------ INPUT MATERIAL ------

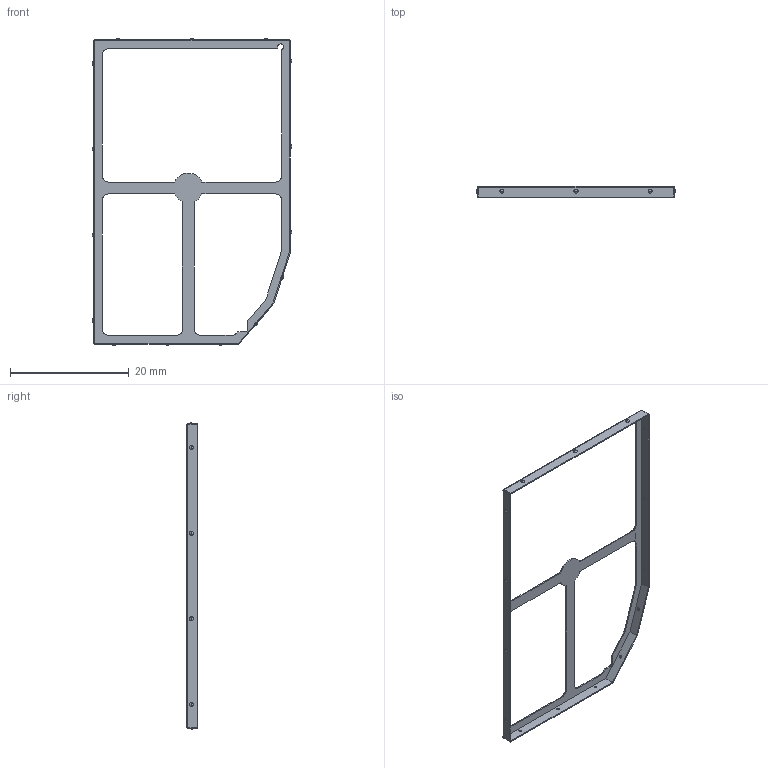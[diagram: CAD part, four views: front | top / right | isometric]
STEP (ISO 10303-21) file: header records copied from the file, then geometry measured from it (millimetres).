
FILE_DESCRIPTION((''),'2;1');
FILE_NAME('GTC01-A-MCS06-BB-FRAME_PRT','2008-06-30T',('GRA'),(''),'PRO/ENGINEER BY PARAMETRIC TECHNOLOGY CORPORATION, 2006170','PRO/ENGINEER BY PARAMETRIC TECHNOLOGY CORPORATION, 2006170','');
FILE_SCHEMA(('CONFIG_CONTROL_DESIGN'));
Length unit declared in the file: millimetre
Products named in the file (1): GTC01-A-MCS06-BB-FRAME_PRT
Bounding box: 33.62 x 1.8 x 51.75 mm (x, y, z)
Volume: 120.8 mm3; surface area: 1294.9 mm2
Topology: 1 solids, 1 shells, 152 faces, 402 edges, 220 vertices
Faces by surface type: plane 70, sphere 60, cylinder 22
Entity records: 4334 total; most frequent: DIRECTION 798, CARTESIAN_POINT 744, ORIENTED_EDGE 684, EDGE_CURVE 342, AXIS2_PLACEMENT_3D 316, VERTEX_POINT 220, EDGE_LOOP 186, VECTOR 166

------

[ACTION ITEM]
Once you reach the line that contains "STEP (ISO 10303-21)", print it and every line after it exactly as written, stopping at the last line of the records and adding nothing.

[SOLUTION TO THIS PROBLEM]
STEP (ISO 10303-21) file: header records copied from the file, then geometry measured from it (millimetres).
FILE_DESCRIPTION((''),'2;1');
FILE_NAME('GTC01-A-MCS06-BB-FRAME_PRT','2008-06-30T',('GRA'),(''),'PRO/ENGINEER BY PARAMETRIC TECHNOLOGY CORPORATION, 2006170','PRO/ENGINEER BY PARAMETRIC TECHNOLOGY CORPORATION, 2006170','');
FILE_SCHEMA(('CONFIG_CONTROL_DESIGN'));
Length unit declared in the file: millimetre
Products named in the file (1): GTC01-A-MCS06-BB-FRAME_PRT
Bounding box: 33.62 x 1.8 x 51.75 mm (x, y, z)
Volume: 120.8 mm3; surface area: 1294.9 mm2
Topology: 1 solids, 1 shells, 152 faces, 402 edges, 220 vertices
Faces by surface type: plane 70, sphere 60, cylinder 22
Entity records: 4334 total; most frequent: DIRECTION 798, CARTESIAN_POINT 744, ORIENTED_EDGE 684, EDGE_CURVE 342, AXIS2_PLACEMENT_3D 316, VERTEX_POINT 220, EDGE_LOOP 186, VECTOR 166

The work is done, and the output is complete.